Exercise requirements:
Work out how many lines in this listing hold the word "world", and give the number with nothing added.

Provided data:
================

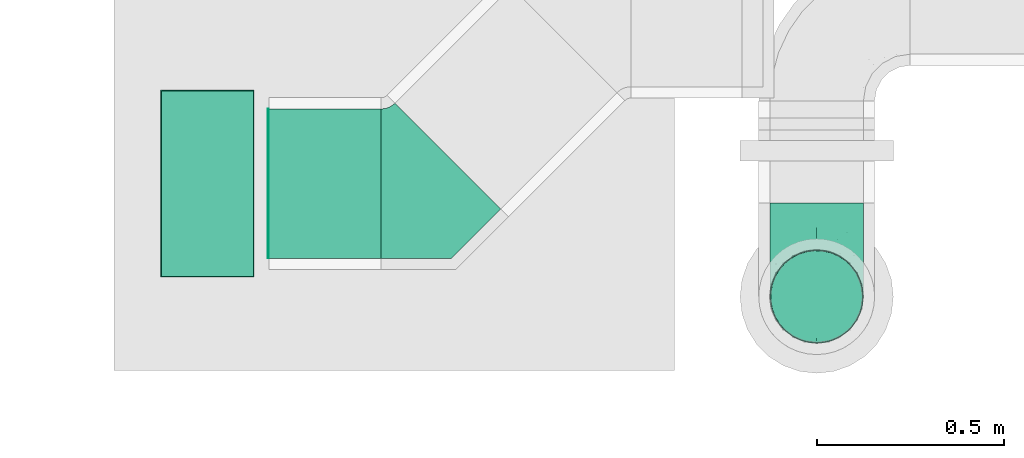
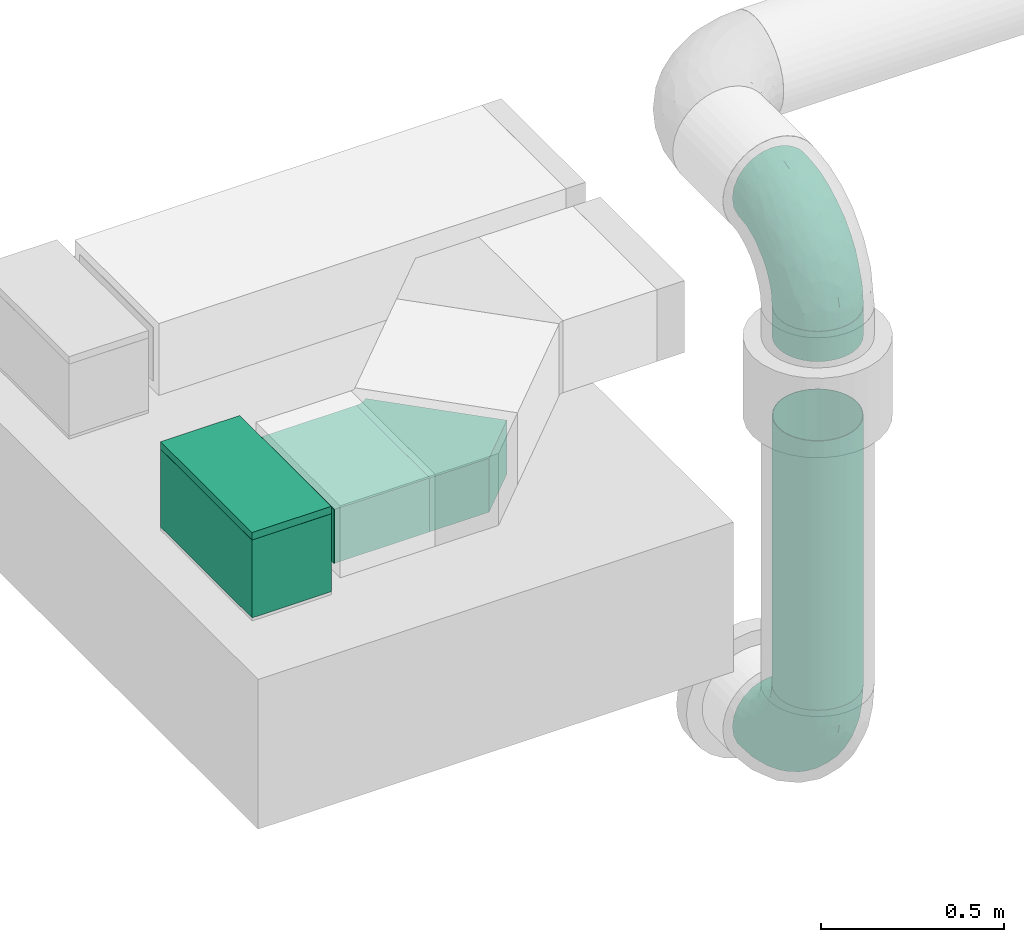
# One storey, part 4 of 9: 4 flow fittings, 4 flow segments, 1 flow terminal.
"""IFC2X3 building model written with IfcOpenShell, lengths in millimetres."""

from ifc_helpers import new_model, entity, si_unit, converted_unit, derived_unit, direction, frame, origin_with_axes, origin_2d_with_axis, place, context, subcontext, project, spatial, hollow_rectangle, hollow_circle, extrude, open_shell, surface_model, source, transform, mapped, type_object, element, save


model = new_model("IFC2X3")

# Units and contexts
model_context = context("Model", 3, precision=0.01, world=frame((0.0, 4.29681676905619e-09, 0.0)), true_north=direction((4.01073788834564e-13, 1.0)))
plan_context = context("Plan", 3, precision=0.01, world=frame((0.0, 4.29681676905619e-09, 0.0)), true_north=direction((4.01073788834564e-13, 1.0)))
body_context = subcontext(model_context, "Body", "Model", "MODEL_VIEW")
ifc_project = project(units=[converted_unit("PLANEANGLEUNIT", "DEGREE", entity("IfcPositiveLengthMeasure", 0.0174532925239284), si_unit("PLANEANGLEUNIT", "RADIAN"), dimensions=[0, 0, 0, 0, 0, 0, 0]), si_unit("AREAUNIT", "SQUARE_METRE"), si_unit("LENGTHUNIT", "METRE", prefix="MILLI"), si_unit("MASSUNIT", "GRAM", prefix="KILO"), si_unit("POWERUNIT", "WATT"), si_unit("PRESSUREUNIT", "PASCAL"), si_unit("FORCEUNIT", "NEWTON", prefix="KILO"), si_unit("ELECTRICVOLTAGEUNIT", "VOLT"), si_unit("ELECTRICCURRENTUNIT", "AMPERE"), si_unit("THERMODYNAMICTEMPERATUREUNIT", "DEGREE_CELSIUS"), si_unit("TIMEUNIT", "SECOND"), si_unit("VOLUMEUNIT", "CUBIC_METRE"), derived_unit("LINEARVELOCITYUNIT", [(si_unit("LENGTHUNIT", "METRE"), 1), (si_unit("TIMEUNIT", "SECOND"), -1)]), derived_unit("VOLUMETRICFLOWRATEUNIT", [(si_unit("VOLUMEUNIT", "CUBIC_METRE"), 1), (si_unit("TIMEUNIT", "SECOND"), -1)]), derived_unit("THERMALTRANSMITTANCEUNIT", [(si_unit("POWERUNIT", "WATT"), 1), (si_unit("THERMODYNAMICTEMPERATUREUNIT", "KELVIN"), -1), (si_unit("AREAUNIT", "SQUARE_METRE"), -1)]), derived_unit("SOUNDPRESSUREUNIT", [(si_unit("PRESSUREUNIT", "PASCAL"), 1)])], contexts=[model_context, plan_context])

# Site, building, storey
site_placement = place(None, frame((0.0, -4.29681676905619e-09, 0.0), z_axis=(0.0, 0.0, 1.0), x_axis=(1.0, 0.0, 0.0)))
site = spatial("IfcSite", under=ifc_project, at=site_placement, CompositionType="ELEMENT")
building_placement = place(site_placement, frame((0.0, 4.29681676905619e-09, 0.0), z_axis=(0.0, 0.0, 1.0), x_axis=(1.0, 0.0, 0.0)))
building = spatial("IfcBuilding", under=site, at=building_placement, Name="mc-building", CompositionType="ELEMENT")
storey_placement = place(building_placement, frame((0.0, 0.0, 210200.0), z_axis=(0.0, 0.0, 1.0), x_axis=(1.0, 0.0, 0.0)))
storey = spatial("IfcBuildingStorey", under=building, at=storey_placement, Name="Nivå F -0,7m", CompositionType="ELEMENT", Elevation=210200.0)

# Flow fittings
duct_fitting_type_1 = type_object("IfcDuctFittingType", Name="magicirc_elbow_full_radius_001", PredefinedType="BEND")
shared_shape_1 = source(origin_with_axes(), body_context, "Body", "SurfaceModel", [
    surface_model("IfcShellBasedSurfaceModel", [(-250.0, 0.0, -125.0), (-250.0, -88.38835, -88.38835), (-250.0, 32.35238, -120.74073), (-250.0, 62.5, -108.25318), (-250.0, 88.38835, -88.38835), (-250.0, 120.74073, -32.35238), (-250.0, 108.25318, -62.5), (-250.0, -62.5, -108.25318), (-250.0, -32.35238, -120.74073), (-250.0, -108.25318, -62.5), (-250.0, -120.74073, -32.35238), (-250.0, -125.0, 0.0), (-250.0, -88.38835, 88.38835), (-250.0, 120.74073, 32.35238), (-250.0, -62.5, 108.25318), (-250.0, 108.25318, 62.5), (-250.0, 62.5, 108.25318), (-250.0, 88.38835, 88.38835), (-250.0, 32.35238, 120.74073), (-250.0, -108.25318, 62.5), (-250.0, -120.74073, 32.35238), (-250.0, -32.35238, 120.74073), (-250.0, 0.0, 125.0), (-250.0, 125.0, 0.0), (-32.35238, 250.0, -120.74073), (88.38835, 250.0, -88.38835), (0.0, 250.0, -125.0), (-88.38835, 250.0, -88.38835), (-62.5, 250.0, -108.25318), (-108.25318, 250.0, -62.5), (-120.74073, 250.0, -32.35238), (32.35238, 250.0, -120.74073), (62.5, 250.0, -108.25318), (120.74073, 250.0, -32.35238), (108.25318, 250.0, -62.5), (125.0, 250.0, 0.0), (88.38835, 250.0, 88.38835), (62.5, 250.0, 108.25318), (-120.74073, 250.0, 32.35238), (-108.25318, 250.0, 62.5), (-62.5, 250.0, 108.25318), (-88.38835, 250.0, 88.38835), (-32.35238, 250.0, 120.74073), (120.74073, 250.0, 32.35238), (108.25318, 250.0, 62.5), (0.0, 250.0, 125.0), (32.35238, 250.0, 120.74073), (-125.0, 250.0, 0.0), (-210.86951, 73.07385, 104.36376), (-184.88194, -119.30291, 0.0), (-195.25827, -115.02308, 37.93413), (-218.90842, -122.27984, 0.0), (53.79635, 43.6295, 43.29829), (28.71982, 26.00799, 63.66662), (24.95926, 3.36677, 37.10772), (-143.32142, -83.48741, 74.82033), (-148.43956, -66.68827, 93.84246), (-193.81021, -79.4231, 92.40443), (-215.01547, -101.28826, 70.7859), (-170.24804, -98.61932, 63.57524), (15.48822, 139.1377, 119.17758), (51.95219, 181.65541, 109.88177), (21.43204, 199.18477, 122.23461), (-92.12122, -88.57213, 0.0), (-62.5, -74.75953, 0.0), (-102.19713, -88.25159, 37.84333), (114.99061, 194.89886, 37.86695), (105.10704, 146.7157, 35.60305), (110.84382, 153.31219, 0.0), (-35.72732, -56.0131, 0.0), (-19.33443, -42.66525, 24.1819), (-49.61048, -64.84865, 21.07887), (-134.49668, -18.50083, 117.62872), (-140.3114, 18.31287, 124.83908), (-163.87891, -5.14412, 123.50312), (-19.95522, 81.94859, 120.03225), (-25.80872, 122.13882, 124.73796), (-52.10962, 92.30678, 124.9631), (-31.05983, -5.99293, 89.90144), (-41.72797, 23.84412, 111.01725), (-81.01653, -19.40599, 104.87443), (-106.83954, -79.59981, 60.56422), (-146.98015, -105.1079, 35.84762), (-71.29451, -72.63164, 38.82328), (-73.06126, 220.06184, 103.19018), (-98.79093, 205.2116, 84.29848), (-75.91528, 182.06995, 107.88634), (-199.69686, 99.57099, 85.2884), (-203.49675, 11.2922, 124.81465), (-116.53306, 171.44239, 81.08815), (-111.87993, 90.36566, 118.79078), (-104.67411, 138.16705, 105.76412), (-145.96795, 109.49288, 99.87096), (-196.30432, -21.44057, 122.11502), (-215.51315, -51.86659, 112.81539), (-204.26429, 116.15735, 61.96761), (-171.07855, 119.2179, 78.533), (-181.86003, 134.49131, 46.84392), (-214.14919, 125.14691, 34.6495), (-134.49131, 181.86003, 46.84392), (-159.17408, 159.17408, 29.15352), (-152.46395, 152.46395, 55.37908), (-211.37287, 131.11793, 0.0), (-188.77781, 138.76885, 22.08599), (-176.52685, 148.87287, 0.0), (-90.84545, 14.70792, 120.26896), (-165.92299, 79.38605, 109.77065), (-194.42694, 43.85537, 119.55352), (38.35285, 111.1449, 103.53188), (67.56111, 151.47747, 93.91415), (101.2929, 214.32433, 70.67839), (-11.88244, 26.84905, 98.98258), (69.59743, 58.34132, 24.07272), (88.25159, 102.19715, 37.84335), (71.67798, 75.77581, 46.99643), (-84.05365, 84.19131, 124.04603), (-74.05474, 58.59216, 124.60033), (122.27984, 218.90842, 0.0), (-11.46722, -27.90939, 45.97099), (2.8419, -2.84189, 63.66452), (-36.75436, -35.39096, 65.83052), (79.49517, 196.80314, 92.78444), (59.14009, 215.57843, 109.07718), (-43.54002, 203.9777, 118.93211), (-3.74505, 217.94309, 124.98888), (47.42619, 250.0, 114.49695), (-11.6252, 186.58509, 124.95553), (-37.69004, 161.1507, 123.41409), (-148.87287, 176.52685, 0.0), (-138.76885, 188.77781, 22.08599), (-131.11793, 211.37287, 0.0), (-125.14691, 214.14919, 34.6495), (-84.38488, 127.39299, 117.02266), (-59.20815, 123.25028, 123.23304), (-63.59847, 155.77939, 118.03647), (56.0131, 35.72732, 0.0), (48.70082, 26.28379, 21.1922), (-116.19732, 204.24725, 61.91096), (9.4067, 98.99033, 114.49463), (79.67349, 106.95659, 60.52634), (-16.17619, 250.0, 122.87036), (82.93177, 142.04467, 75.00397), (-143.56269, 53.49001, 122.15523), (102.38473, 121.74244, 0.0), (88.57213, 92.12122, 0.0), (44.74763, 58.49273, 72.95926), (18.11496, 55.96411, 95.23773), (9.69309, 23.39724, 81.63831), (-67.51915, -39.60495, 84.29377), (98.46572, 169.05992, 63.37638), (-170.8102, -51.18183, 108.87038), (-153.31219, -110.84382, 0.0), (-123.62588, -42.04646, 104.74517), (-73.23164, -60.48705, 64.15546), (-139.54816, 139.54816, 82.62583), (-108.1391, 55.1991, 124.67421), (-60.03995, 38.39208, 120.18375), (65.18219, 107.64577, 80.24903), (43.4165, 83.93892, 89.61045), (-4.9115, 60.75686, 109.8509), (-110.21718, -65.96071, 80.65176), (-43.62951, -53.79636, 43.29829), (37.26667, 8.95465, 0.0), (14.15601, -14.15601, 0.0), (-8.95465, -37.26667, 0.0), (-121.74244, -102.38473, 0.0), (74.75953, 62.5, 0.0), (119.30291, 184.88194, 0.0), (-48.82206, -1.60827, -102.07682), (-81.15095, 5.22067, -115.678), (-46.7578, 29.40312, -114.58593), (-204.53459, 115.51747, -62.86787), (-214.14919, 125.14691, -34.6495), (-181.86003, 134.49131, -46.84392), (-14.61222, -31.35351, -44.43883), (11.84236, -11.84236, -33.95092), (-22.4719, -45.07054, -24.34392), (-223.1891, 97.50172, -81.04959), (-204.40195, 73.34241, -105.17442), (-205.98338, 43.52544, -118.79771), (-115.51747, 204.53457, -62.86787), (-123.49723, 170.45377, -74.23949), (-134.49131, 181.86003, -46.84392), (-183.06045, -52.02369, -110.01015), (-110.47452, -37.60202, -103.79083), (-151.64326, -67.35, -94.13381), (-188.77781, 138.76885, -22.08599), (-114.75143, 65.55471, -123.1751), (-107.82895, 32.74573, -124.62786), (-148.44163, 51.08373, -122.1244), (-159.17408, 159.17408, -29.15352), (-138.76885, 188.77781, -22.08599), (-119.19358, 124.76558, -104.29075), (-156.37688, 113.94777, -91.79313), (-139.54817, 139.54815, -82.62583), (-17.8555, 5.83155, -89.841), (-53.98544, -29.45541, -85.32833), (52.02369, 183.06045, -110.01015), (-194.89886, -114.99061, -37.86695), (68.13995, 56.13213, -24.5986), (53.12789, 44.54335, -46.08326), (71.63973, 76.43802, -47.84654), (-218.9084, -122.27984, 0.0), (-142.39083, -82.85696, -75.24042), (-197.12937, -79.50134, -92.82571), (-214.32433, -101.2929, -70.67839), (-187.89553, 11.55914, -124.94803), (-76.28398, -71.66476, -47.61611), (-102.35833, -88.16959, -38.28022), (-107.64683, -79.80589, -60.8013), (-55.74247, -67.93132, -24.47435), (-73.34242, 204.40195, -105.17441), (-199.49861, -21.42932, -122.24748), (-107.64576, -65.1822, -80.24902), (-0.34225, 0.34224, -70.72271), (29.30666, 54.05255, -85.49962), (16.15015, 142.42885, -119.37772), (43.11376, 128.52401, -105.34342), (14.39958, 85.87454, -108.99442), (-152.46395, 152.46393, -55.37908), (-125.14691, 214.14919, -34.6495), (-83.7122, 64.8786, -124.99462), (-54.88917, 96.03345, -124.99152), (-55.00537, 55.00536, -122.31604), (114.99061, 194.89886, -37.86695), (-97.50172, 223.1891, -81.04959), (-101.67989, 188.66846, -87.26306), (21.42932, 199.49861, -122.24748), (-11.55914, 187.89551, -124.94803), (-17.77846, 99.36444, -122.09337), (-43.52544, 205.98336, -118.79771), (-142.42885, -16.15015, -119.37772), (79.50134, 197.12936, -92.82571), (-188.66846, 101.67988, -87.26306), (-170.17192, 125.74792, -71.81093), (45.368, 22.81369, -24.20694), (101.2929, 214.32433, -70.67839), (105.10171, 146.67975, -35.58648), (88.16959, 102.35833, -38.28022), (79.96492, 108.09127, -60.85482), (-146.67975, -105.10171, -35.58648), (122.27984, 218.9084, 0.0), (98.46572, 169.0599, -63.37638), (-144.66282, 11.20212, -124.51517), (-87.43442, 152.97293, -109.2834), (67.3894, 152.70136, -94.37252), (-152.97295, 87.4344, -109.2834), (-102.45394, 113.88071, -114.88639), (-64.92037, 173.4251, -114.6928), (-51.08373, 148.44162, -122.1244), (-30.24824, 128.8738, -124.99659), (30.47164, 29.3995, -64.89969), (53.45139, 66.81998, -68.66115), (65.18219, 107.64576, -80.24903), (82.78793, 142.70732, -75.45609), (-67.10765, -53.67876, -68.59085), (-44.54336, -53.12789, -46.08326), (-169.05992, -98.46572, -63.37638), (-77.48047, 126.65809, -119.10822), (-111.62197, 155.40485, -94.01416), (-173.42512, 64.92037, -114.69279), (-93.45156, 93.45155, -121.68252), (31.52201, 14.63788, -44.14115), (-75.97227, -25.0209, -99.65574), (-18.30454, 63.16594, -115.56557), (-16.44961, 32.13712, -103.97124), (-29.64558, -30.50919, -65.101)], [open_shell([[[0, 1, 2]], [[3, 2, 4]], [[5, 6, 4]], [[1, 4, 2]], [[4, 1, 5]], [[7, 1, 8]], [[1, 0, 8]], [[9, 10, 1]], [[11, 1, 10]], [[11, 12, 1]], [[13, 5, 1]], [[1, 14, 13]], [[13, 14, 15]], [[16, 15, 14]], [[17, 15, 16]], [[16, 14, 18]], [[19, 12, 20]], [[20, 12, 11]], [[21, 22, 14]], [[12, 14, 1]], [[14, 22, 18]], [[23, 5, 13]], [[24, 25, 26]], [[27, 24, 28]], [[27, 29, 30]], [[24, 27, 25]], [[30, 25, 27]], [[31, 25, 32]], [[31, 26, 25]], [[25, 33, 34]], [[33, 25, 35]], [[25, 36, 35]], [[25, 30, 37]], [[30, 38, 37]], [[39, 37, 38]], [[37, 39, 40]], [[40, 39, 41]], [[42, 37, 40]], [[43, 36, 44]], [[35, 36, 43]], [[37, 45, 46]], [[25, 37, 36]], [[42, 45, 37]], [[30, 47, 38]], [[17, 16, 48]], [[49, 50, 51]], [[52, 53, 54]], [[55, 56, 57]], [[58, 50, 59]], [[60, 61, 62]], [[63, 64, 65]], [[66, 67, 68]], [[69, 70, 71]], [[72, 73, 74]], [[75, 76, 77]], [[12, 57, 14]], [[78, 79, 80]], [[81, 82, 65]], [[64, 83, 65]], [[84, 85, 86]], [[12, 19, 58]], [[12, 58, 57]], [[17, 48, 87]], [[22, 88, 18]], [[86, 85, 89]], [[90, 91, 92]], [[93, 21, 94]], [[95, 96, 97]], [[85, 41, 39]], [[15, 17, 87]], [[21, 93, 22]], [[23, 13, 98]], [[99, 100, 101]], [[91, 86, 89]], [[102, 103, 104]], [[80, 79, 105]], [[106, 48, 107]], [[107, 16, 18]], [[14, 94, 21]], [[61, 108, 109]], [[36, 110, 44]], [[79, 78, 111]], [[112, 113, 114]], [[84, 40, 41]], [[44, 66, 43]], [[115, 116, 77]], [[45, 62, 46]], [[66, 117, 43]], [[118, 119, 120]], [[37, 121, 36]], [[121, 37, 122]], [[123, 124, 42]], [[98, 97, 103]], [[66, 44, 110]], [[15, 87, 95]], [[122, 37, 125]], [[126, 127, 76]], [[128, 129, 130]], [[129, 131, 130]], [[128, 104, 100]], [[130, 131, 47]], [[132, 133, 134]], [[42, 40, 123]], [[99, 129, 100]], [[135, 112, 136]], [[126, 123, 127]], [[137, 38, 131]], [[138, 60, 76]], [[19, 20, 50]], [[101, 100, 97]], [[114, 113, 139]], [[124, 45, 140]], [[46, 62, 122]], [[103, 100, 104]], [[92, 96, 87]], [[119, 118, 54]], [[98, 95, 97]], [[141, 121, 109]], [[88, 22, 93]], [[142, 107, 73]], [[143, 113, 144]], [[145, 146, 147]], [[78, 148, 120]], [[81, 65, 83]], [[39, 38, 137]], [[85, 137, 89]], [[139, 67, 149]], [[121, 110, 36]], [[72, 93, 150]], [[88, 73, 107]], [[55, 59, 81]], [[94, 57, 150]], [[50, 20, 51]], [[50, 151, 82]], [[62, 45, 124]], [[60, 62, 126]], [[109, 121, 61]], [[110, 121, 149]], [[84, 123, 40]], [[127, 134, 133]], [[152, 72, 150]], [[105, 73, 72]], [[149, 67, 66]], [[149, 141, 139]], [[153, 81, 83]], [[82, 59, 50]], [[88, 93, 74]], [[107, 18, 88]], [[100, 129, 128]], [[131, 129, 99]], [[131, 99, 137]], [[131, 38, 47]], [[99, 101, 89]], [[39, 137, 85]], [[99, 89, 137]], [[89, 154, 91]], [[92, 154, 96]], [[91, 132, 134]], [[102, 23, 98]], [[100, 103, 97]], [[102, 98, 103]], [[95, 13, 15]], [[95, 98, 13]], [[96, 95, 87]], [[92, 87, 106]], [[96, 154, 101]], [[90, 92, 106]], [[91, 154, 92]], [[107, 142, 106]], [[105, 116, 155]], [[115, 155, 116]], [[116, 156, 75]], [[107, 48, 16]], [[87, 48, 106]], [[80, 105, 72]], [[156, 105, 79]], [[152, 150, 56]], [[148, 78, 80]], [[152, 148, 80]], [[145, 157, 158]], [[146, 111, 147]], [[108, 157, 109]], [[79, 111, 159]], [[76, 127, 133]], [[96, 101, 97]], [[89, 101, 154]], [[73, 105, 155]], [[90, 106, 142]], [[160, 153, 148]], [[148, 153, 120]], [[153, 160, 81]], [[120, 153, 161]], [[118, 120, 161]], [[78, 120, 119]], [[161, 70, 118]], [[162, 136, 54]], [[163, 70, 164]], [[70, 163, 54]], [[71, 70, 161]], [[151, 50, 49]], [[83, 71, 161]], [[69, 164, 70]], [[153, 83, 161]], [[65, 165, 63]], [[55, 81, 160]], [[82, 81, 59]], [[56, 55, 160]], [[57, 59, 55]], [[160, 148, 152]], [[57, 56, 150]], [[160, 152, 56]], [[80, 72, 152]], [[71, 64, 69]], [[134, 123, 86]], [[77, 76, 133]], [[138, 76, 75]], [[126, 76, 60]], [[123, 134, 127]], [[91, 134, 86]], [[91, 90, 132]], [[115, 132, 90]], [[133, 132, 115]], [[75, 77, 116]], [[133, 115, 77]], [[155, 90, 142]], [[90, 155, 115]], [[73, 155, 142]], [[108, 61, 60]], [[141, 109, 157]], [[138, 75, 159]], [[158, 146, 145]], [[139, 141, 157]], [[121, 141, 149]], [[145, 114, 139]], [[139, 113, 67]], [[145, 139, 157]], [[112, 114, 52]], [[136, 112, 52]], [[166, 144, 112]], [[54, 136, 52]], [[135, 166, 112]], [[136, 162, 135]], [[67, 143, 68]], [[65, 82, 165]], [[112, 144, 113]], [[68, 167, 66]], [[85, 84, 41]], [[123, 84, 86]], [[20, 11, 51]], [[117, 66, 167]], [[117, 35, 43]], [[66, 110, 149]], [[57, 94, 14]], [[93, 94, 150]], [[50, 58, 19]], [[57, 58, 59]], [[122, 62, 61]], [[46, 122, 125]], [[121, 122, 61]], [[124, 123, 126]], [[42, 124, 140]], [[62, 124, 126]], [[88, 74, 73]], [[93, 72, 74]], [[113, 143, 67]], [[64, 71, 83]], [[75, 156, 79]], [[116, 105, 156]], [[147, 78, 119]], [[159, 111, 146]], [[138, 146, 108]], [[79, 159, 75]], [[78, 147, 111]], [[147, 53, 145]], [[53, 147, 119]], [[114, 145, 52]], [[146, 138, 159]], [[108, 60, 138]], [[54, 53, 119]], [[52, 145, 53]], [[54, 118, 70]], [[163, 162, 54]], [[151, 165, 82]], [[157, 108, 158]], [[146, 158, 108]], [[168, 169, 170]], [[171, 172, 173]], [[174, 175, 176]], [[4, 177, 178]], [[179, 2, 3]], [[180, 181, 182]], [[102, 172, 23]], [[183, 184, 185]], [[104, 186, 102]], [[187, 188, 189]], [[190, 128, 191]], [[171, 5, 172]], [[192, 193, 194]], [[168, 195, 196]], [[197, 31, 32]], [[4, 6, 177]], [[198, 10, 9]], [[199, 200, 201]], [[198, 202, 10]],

================

Response:
2